- Born: 9 January 1918
- Died: 16 January 2003 (aged 85) Karachi, Pakistan
- Education: University of Dhaka; University College, London;
- Spouses: Begum Binoo ​(m. 1943)​
- Children: Yasmeen Murshed; Almas Zakiuddin; Zahed Zakiuddin;
- Parents: Khwaja Shahabuddin (father); Farhat Banu (mother);
- Relatives: Khwaja Wasiuddin (brother)

= Khwaja Zakiuddin =

Bengali politician

Khwaja Zakiuddin (9 January 1918 – 16 January 2003) was a Bengali aristocrat and Pakistani statesman. He was a member of the Dhaka Nawab family.

==Early life==
Zakiuddin was born on 9 January 1918. His father was Khwaja Shahabuddin, a Pakistan government Minister, and his mother was Farhat Banu, a member of the Bengal Legislative Assembly. He graduated from the University of Dhaka and then went to University College, London. He survived the London Blitz during World War II.

==Career==
After returning from London Zakiuddin joined the Grindlays Bank in Bombay in 1943. He was one of the first Indian Muslims to be employed in a British Bank in India. He worked in Grindlays Bank branches in Kolkata, Karachi, and Peshawar. He joined the State Bank of Pakistan in the 1950s. He retired in 1976.

==Personal life==
Zakiuddin married Begum Binoo on 11 October 1943. She was a daughter of Khan Bahadur Hafizur Rahman Chowdhury and Abida Khatoon.
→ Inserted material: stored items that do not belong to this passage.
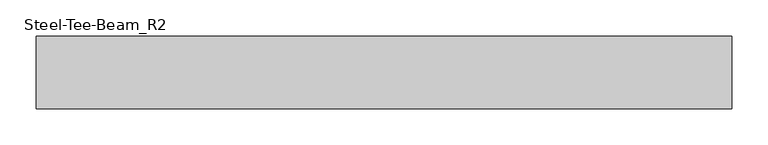
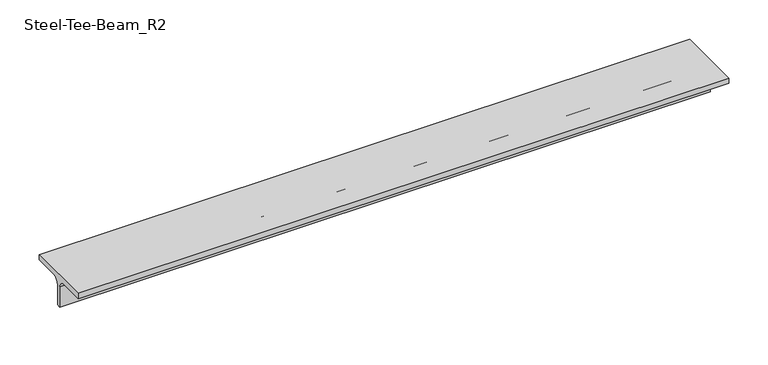
"""IFC4 building model written with IfcOpenShell, lengths in millimetres: beam geometry, Steel-Tee-Beam_R2 : BM127_CT-50x100x6x8_TB1."""

import ifcopenshell
import ifcopenshell.guid

model = None  # the IFC model being written
_history = None  # IfcOwnerHistory: only IFC2X3 demands one
_inside = {}  # id of a spatial element -> (the spatial element, [elements in it])
_under = {}  # id of a project, library or spatial element -> (it, [spatial elements below it])
_declared = {}  # id of a project -> (the project, [libraries it declares])
_typed = {}  # id of a type object -> (the type object, [elements of that type])
_made_of = {}  # id of a material, layer set ... -> (it, [elements and type objects made of it])


def new_model(schema):
    """Start an empty IFC model of exactly this schema.

    Asked for "IFC4X3", IfcOpenShell would pick the latest addendum, in which some entities
    have other attributes; the version numbers below select the first issue.
    IFC2X3 requires an IfcOwnerHistory on every rooted entity: one is made here for all.
    """
    global model, _history
    if schema == "IFC4X3":
        model = ifcopenshell.file(schema_version=(4, 3, 0, 0))
    else:
        model = ifcopenshell.file(schema=schema)
    _inside.clear()
    _under.clear()
    _declared.clear()
    _typed.clear()
    _made_of.clear()
    _history = None
    if model.schema == "IFC2X3":
        org = make("IfcOrganization", Name="unknown")
        user = make(
            "IfcPersonAndOrganization",
            ThePerson=make("IfcPerson", FamilyName="unknown"),
            TheOrganization=org,
        )
        app = make(
            "IfcApplication",
            ApplicationDeveloper=org,
            Version="unknown",
            ApplicationFullName="unknown",
            ApplicationIdentifier="unknown",
        )
        _history = make(
            "IfcOwnerHistory",
            OwningUser=user,
            OwningApplication=app,
            ChangeAction="ADDED",
            CreationDate=0,
        )
    return model


def make(cls, **values):
    """One entity of the class cls with the attributes given. An attribute that is None is left unset."""
    return model.create_entity(
        cls, **{name: value for name, value in values.items() if value is not None}
    )


def rooted(cls, **values):
    """An entity with a GlobalId (a new one), such as an element, a storey or a relation."""
    return make(cls, GlobalId=ifcopenshell.guid.new(), OwnerHistory=_history, **values)


def si_unit(unit_type, name, prefix=None):
    """IfcSIUnit, for example si_unit("LENGTHUNIT", "METRE", prefix="MILLI")."""
    return make("IfcSIUnit", UnitType=unit_type, Prefix=prefix, Name=name)


def assignment(units):
    """IfcUnitAssignment: the units of a project."""
    return None if units is None else make("IfcUnitAssignment", Units=units)


def point(xyz):
    """IfcCartesianPoint."""
    return None if xyz is None else make("IfcCartesianPoint", Coordinates=xyz)


def direction(xyz):
    """IfcDirection."""
    return None if xyz is None else make("IfcDirection", DirectionRatios=xyz)


def frame(location, z_axis=None, x_axis=None):
    """IfcAxis2Placement3D, a coordinate frame: its origin and axes. An axis left out is left unset."""
    return make(
        "IfcAxis2Placement3D",
        Location=point(location),
        Axis=direction(z_axis),
        RefDirection=direction(x_axis),
    )


def frame_2d(location, x_axis=None):
    """IfcAxis2Placement2D, a coordinate frame in the plane: its origin and x axis."""
    return make(
        "IfcAxis2Placement2D", Location=point(location), RefDirection=direction(x_axis)
    )


def origin():
    """The frame at (0, 0, 0) with its axes left unset."""
    return frame((0.0, 0.0, 0.0))


def place(relative_to, where):
    """IfcLocalPlacement: puts the frame where relative to a parent placement (None: the world)."""
    return make(
        "IfcLocalPlacement", PlacementRelTo=relative_to, RelativePlacement=where
    )


def context(
    kind, dimensions, precision=None, world=None, true_north=None, identifier=None
):
    """IfcGeometricRepresentationContext, for example the 3D "Model" context."""
    return make(
        "IfcGeometricRepresentationContext",
        ContextIdentifier=identifier,
        ContextType=kind,
        CoordinateSpaceDimension=dimensions,
        Precision=precision,
        WorldCoordinateSystem=world,
        TrueNorth=true_north,
    )


def project(units=None, contexts=None):
    """IfcProject with its units and contexts."""
    return rooted(
        "IfcProject",
        Name="project",
        RepresentationContexts=contexts,
        UnitsInContext=assignment(units),
    )


def spatial(cls, under=None, at=None, **own):
    """A site, building, storey or space (cls), placed at a placement, below another one or the project."""
    s = rooted(cls, ObjectPlacement=at, **own)
    if under is not None:
        _under.setdefault(under.id(), (under, []))[1].append(s)
    return s


def polyline(points):
    """IfcPolyline through the points."""
    return make("IfcPolyline", Points=[point(p) for p in points])


def circle_curve(where, radius):
    """IfcCircle in the frame where."""
    return make("IfcCircle", Position=where, Radius=radius)


def trimmed(basis, trim1, trim2, sense, master):
    """IfcTrimmedCurve: the piece of a basis curve between two trims."""
    return make(
        "IfcTrimmedCurve",
        BasisCurve=basis,
        Trim1=trim1,
        Trim2=trim2,
        SenseAgreement=sense,
        MasterRepresentation=master,
    )


def segment(curve, same_sense, transition):
    """IfcCompositeCurveSegment."""
    return make(
        "IfcCompositeCurveSegment",
        Transition=transition,
        SameSense=same_sense,
        ParentCurve=curve,
    )


def composite_curve(segments, self_intersect=None):
    """IfcCompositeCurve: segments joined end to end."""
    return make("IfcCompositeCurve", Segments=segments, SelfIntersect=self_intersect)


def outline(outer, holes=None, kind="AREA"):
    """IfcArbitraryClosedProfileDef: a profile drawn as a closed curve; with holes, ...WithVoids."""
    if holes is None:
        return make("IfcArbitraryClosedProfileDef", ProfileType=kind, OuterCurve=outer)
    return make(
        "IfcArbitraryProfileDefWithVoids",
        ProfileType=kind,
        OuterCurve=outer,
        InnerCurves=holes,
    )


def extrude(swept, where, along, depth):
    """IfcExtrudedAreaSolid: the profile swept, set in the frame where, extruded along a direction by depth."""
    return make(
        "IfcExtrudedAreaSolid",
        SweptArea=swept,
        Position=where,
        ExtrudedDirection=direction(along),
        Depth=depth,
    )


def shape(context_of_items, identifier, shape_type, items):
    """IfcShapeRepresentation: the items that make up one representation, for example the "Body"."""
    return make(
        "IfcShapeRepresentation",
        ContextOfItems=context_of_items,
        RepresentationIdentifier=identifier,
        RepresentationType=shape_type,
        Items=items,
    )


def source(mapping_origin, context_of_items, identifier, shape_type, items):
    """IfcRepresentationMap: a shape defined once, which mapped items show again and again."""
    return make(
        "IfcRepresentationMap",
        MappingOrigin=mapping_origin,
        MappedRepresentation=shape(context_of_items, identifier, shape_type, items),
    )


def transform(
    local_origin,
    x_axis=None,
    y_axis=None,
    z_axis=None,
    scale=None,
    scale2=None,
    scale3=None,
    uniform=True,
):
    """IfcCartesianTransformationOperator3D, or its non-uniform kind. x_axis, y_axis, z_axis: its Axis1, 2, 3."""
    if uniform:
        return make(
            "IfcCartesianTransformationOperator3D",
            Axis1=direction(x_axis),
            Axis2=direction(y_axis),
            LocalOrigin=point(local_origin),
            Scale=scale,
            Axis3=direction(z_axis),
        )
    return make(
        "IfcCartesianTransformationOperator3DnonUniform",
        Axis1=direction(x_axis),
        Axis2=direction(y_axis),
        LocalOrigin=point(local_origin),
        Scale=scale,
        Axis3=direction(z_axis),
        Scale2=scale2,
        Scale3=scale3,
    )


def mapped(mapping_source, mapping_target):
    """IfcMappedItem: shows the shape of a source again, moved by a transform."""
    return make(
        "IfcMappedItem", MappingSource=mapping_source, MappingTarget=mapping_target
    )


def made_of(thing, what):
    """Note that an element or type object is made of a material, layer set ...; save() writes the relation."""
    if what is not None:
        _made_of.setdefault(what.id(), (what, []))[1].append(thing)
    return thing


def element(
    cls,
    number,
    at=None,
    inside=None,
    cuts=None,
    type_object=None,
    material=None,
    context=None,
    identifier="Body",
    shape_type=None,
    held_by="IfcProductDefinitionShape",
    body=None,
    shapes=None,
    **own,
):
    """One element of the class cls, such as IfcWall. Its Tag is "e" and its number.

    at: its placement. inside: the storey or other place that contains it. cuts: it is an
    opening in that element (IfcRelVoidsElement). A single representation is given by context,
    identifier, shape_type and body (its items); several are given by shapes. held_by: the class
    of the entity that holds the representations. save() writes the other relations.
    """
    e = rooted(cls, Tag="e%d" % number, ObjectPlacement=at, **own)
    if body is not None:
        shapes = [shape(context, identifier, shape_type, body)]
    if shapes is not None:
        e.Representation = make(held_by, Representations=shapes)
    if inside is not None:
        _inside.setdefault(inside.id(), (inside, []))[1].append(e)
    if cuts is not None:
        rooted(
            "IfcRelVoidsElement", RelatingBuildingElement=cuts, RelatedOpeningElement=e
        )
    if type_object is not None:
        _typed.setdefault(type_object.id(), (type_object, []))[1].append(e)
    return made_of(e, material)


def aggregate(whole, parts):
    """IfcRelAggregates: a whole, such as a stair, and the parts it consists of."""
    return rooted("IfcRelAggregates", RelatingObject=whole, RelatedObjects=parts)


def save(model, path):
    """Write the relations noted so far, then the file.

    IfcRelAggregates (storeys below a building ...), IfcRelContainedInSpatialStructure (elements
    in a storey), IfcRelDefinesByType, IfcRelAssociatesMaterial and IfcRelDeclares: one each for
    every whole, place, type object, material and project.
    """
    for whole, parts in _under.values():
        aggregate(whole, parts)
    for where, things in _inside.values():
        rooted(
            "IfcRelContainedInSpatialStructure",
            RelatedElements=things,
            RelatingStructure=where,
        )
    for kind, things in _typed.values():
        rooted("IfcRelDefinesByType", RelatedObjects=things, RelatingType=kind)
    for what, things in _made_of.values():
        rooted("IfcRelAssociatesMaterial", RelatedObjects=things, RelatingMaterial=what)
    for by, libraries in _declared.values():
        rooted("IfcRelDeclares", RelatingContext=by, RelatedDefinitions=libraries)
    model.write(path)


def steel_tee_beam_r2_b2c95b6f(model_context):
    return source(origin(), model_context, "Body", "SweptSolid", [
        extrude(outline(composite_curve([segment(polyline([(-50.0, 25.0), (50.0, 25.0), (50.0, 17.0), (13.0, 17.0)]), True, "CONTINUOUS"), segment(trimmed(circle_curve(frame_2d((13.0, 7.0)), 10.0), [point((13.0, 17.0))], [point((3.0, 7.0))], True, "CARTESIAN"), True, "CONTINUOUS"), segment(polyline([(3.0, 7.0), (3.0, -25.0), (-3.0, -25.0), (-3.0, 7.0)]), True, "CONTINUOUS"), segment(trimmed(circle_curve(frame_2d((-13.0, 7.0)), 10.0), [point((-3.0, 7.0))], [point((-13.0, 17.0))], True, "CARTESIAN"), True, "CONTINUOUS"), segment(polyline([(-13.0, 17.0), (-50.0, 17.0), (-50.0, 25.0)]), True, "CONTINUOUS")], self_intersect=False)), frame((-480.0, 0.0, 0.0), z_axis=(1.0, 0.0, 0.0), x_axis=(0.0, 1.0, 0.0)), (0.0, 0.0, 1.0), 960.0),
    ])


if __name__ == "__main__":
    model = new_model("IFC4")
    model_context = context("Model", 3, world=origin())
    ifc_project = project(units=[si_unit("LENGTHUNIT", "METRE", prefix="MILLI")], contexts=[model_context])
    site = spatial("IfcSite", under=ifc_project)
    building = spatial("IfcBuilding", under=site)
    placement = place(None, origin())
    steel_tee_beam_r2_shape = steel_tee_beam_r2_b2c95b6f(model_context)
    element("IfcBeam", 1, ObjectType="Steel-Tee-Beam_R2 : BM127_CT-50x100x6x8_TB1", at=placement, inside=building, context=model_context, shape_type="MappedRepresentation", body=[
        mapped(steel_tee_beam_r2_shape, transform((0.0, 0.0, 0.0), x_axis=(1.0, 0.0, 0.0), y_axis=(0.0, 1.0, 0.0), z_axis=(0.0, 0.0, 1.0))),
    ])
    save(model, "model.ifc")

# Revit data of these elements
# Type "Steel-Tee-Beam_R2 : BM127_CT-50x100x6x8_TB1"
#   SteelWeight = "Light"
#   Surface Area = 0.291416 m²/m
#   Section Area = 10.9492 cm²
#   Mass per Unit Length = 8.59512 kg/m
#   Length [instance default] = 1524 mm
#   bf = 100 mm
#   d = 50 mm
#   k = 18 mm
#   r = 10 mm
#   tf = 8 mm
#   tw = 6 mm
#   hec_material4 [instance default] = none
#   hec_material3 [instance default] = none
#   hec_material2 [instance default] = none
#   hec_material1 [instance default] = none
#   Structural Material [instance default] = Steel, 45-345
#   Assembly Code = ""
# Element 1 (IfcBeam, "Steel-Tee-Beam_R2 : BM127_CT-50x100x6x8_TB1")
#   Materials on its faces: "Steel, 45-345"
# Materials
#   "Steel, 45-345": class "Metal", colour RGB 189 187 185, transparency 0, Description = "Steel 345 MPa", Cost = 0

Zakiuddin and Binoo had two daughters Yasmeen Murshed, and Almas Zakiuddin and one son, Zahed Zakiuddin. Yasmeen served as the ambassador of Bangladesh to Pakistan. Zakiuddin's brother, Khwaja Wasiuddin, was a Lieutenant General of Bangladesh Army.

==Death==
Zakiuddin died on 16 January 2003 in Karachi, Pakistan.